*** Opening Input records ***

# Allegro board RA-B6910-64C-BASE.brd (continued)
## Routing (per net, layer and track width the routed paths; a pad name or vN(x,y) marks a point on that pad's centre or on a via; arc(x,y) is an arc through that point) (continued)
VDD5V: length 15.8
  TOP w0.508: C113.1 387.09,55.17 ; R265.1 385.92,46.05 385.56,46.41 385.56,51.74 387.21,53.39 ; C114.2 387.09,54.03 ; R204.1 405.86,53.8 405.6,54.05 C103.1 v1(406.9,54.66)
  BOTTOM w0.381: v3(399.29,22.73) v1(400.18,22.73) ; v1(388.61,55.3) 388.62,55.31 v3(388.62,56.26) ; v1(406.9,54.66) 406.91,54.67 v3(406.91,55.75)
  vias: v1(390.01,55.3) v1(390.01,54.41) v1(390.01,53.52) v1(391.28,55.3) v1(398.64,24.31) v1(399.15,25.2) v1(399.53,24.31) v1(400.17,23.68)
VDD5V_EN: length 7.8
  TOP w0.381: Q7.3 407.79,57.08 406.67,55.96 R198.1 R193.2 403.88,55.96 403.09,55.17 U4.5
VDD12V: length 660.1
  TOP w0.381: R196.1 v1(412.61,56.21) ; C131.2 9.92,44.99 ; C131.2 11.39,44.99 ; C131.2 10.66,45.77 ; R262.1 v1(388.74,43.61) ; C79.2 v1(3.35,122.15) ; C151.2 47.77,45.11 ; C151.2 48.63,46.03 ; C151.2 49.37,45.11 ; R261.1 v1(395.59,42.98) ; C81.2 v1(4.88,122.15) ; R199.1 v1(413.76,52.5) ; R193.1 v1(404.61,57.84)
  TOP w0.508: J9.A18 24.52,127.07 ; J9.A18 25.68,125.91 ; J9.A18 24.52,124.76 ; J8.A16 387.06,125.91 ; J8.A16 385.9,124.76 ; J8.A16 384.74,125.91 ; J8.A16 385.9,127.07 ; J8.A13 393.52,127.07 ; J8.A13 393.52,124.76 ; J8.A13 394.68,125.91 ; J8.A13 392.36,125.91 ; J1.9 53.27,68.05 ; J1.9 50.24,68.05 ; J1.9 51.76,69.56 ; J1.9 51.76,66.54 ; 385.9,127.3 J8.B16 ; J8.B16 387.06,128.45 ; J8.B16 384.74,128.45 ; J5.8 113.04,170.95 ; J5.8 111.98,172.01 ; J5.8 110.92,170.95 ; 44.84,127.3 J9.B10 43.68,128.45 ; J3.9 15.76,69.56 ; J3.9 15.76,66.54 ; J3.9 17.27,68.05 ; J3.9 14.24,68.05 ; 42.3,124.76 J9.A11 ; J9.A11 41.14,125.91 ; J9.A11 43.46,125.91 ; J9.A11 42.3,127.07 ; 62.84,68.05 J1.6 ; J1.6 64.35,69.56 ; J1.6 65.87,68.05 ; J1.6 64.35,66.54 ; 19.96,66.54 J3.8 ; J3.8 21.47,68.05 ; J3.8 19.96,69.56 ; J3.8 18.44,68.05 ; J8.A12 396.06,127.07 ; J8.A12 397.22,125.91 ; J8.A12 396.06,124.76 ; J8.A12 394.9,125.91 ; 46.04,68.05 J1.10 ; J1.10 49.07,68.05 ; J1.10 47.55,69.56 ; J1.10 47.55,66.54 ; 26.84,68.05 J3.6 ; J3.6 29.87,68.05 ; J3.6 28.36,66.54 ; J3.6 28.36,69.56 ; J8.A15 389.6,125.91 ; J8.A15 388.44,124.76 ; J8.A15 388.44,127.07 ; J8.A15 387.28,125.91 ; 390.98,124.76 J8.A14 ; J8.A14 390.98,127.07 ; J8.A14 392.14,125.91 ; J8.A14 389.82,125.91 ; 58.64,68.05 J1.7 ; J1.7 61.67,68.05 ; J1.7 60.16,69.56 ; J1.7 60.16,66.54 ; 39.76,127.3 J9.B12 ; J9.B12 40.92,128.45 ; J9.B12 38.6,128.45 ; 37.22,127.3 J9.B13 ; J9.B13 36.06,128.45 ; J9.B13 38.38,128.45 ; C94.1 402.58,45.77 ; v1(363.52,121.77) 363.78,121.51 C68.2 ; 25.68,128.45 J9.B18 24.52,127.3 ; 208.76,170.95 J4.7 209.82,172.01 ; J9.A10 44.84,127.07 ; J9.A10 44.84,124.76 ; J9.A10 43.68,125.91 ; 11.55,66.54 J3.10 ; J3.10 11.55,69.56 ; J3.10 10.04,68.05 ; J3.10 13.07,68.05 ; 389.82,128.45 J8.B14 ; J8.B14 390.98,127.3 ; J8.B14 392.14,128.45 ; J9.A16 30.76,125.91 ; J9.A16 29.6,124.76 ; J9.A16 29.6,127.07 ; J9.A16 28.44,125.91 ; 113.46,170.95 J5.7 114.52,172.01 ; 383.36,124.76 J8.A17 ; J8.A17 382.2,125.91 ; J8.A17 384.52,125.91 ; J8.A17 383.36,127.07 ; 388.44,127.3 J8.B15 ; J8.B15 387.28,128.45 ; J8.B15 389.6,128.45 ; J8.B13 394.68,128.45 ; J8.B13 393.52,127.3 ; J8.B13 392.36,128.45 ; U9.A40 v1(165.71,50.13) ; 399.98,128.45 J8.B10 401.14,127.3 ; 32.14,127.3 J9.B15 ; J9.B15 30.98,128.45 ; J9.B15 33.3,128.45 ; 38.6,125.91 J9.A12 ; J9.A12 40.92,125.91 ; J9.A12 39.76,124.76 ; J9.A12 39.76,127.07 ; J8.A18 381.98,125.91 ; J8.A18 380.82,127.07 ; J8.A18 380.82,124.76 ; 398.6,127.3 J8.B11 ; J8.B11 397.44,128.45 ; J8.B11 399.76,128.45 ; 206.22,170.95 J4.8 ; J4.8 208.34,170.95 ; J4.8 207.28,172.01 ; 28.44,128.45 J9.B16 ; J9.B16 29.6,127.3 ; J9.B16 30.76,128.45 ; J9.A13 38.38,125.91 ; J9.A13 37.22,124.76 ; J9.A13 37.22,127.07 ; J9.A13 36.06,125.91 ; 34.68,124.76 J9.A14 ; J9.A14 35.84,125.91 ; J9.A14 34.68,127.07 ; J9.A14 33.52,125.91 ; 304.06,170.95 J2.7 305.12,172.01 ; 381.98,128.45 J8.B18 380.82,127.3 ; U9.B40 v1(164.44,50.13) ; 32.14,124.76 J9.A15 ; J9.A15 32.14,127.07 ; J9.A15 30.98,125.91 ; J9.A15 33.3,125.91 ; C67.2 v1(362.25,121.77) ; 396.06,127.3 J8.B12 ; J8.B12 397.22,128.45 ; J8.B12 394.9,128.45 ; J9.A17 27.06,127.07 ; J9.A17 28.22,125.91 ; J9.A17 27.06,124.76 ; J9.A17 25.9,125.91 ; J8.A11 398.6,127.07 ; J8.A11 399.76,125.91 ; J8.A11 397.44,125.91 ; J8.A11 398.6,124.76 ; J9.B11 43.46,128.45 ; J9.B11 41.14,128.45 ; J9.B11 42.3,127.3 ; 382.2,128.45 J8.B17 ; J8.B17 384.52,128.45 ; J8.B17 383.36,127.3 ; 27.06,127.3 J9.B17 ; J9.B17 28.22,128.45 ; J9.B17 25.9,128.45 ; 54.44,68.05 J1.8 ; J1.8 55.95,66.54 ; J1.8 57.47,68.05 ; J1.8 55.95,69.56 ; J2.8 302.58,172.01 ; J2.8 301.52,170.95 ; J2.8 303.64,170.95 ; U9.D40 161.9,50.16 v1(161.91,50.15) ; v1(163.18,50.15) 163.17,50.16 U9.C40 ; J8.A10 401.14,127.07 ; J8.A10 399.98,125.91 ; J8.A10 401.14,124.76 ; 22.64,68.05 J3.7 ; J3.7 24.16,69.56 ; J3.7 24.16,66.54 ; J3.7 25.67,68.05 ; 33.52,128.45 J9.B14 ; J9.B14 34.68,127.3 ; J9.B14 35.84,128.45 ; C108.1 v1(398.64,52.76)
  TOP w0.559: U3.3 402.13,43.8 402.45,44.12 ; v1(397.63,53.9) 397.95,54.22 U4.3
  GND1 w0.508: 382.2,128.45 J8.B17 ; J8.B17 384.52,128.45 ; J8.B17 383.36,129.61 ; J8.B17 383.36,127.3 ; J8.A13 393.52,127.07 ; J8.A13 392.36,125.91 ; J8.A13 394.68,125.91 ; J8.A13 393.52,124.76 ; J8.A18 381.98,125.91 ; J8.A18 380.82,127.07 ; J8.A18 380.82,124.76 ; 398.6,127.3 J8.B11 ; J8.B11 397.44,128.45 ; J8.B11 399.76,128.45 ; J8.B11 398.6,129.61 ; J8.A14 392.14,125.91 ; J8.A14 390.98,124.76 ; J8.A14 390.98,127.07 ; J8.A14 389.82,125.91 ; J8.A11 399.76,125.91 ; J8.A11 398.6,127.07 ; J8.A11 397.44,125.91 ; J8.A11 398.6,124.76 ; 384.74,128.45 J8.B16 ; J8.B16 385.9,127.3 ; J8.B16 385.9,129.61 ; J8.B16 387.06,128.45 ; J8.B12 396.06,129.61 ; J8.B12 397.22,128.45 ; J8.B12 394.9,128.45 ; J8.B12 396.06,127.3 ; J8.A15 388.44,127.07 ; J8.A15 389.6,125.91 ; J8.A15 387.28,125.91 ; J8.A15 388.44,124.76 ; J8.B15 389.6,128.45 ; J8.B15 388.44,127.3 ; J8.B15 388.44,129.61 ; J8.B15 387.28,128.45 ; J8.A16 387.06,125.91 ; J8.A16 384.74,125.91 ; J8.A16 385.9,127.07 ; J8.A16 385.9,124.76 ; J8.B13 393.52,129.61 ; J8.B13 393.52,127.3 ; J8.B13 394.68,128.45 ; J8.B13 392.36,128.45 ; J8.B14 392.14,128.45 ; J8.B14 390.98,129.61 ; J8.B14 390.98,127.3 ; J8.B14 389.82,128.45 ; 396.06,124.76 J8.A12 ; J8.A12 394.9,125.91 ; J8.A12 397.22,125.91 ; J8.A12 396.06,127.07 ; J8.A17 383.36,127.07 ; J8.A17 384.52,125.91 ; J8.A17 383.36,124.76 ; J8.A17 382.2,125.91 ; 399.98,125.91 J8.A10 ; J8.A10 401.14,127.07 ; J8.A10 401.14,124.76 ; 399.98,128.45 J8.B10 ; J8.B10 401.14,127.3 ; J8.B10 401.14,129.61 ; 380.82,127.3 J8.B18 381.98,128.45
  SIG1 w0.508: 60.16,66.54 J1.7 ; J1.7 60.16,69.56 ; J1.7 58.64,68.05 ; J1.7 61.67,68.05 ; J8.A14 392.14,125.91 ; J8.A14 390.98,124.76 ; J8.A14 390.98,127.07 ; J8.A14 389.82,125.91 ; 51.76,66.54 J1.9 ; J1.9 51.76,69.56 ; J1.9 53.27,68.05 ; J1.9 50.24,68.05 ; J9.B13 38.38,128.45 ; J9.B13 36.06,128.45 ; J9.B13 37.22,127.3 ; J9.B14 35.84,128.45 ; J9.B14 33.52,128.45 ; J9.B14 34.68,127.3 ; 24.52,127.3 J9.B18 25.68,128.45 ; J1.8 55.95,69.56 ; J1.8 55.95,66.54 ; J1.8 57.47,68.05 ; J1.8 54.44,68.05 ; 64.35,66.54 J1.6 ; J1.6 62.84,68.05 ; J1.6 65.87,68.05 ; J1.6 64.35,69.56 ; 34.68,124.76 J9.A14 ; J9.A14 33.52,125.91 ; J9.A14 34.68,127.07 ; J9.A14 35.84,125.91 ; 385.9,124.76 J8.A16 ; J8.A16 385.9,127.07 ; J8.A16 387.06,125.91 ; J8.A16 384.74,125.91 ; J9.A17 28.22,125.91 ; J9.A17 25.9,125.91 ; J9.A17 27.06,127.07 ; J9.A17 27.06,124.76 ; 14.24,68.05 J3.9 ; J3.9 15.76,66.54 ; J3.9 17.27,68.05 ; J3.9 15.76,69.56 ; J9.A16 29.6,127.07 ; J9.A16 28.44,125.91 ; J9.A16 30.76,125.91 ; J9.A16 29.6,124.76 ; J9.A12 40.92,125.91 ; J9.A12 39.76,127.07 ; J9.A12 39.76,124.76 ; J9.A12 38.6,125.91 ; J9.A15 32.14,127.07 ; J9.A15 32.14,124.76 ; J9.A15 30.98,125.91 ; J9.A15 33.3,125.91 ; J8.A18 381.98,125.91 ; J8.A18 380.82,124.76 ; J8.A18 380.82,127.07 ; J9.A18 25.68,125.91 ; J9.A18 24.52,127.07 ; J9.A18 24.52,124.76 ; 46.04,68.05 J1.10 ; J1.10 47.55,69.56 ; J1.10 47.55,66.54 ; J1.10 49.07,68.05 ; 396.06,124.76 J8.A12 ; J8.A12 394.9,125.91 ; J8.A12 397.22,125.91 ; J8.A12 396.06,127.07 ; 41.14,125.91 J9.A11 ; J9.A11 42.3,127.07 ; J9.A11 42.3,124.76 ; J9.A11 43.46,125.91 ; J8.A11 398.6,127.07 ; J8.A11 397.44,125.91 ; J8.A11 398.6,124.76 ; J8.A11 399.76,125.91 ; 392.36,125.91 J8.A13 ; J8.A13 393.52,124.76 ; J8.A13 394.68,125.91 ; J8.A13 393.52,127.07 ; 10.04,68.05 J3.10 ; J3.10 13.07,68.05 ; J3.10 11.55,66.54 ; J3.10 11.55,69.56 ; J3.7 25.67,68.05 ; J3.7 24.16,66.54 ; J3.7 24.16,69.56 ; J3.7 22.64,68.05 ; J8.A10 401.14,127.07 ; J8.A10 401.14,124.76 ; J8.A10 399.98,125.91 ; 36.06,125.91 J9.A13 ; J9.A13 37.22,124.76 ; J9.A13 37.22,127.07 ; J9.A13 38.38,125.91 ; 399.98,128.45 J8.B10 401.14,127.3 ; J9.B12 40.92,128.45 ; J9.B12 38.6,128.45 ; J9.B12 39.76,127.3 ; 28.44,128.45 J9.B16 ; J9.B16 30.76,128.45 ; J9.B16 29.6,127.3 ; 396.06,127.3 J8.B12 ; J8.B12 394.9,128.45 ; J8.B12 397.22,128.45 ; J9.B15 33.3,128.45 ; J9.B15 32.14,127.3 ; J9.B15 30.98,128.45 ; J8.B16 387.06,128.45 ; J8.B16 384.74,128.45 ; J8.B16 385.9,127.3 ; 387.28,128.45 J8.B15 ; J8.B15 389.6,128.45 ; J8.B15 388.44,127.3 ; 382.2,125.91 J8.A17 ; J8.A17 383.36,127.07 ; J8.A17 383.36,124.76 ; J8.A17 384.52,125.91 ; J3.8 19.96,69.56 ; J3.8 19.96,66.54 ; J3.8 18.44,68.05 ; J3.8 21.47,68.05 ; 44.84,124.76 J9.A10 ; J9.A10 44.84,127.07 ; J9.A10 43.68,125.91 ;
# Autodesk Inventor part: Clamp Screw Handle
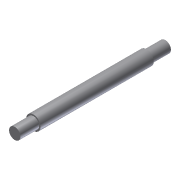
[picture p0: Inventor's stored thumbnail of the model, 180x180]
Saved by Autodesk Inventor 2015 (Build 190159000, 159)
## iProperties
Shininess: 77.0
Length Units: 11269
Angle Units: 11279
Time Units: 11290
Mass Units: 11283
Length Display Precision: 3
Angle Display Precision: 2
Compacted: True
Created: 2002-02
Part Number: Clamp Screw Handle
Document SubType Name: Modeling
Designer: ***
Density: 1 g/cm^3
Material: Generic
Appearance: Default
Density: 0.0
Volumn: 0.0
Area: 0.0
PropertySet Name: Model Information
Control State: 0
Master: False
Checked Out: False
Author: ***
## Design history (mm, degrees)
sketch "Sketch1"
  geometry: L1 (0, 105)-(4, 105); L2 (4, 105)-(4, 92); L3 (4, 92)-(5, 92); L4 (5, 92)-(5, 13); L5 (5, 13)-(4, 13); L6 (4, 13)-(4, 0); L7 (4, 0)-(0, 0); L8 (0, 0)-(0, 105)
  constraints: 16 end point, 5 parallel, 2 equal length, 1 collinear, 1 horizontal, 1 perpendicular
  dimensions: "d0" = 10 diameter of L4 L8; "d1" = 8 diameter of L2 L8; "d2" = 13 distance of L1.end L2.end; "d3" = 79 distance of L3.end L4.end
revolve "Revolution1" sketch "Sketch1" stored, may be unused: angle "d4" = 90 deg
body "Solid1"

*** Closing Input records ***

Your task
When you retype the data above, start at its first line, stop after the line containing "BOTTOM w0.381: v3(399.29,22.73)", and leave out everything else.

Reply to the exercise
# Allegro board RA-B6910-64C-BASE.brd (continued)
## Routing (per net, layer and track width the routed paths; a pad name or vN(x,y) marks a point on that pad's centre or on a via; arc(x,y) is an arc through that point) (continued)
VDD5V: length 15.8
  TOP w0.508: C113.1 387.09,55.17 ; R265.1 385.92,46.05 385.56,46.41 385.56,51.74 387.21,53.39 ; C114.2 387.09,54.03 ; R204.1 405.86,53.8 405.6,54.05 C103.1 v1(406.9,54.66)
  BOTTOM w0.381: v3(399.29,22.73) v1(400.18,22.73) ; v1(388.61,55.3) 388.62,55.31 v3(388.62,56.26) ; v1(406.9,54.66) 406.91,54.67 v3(406.91,55.75)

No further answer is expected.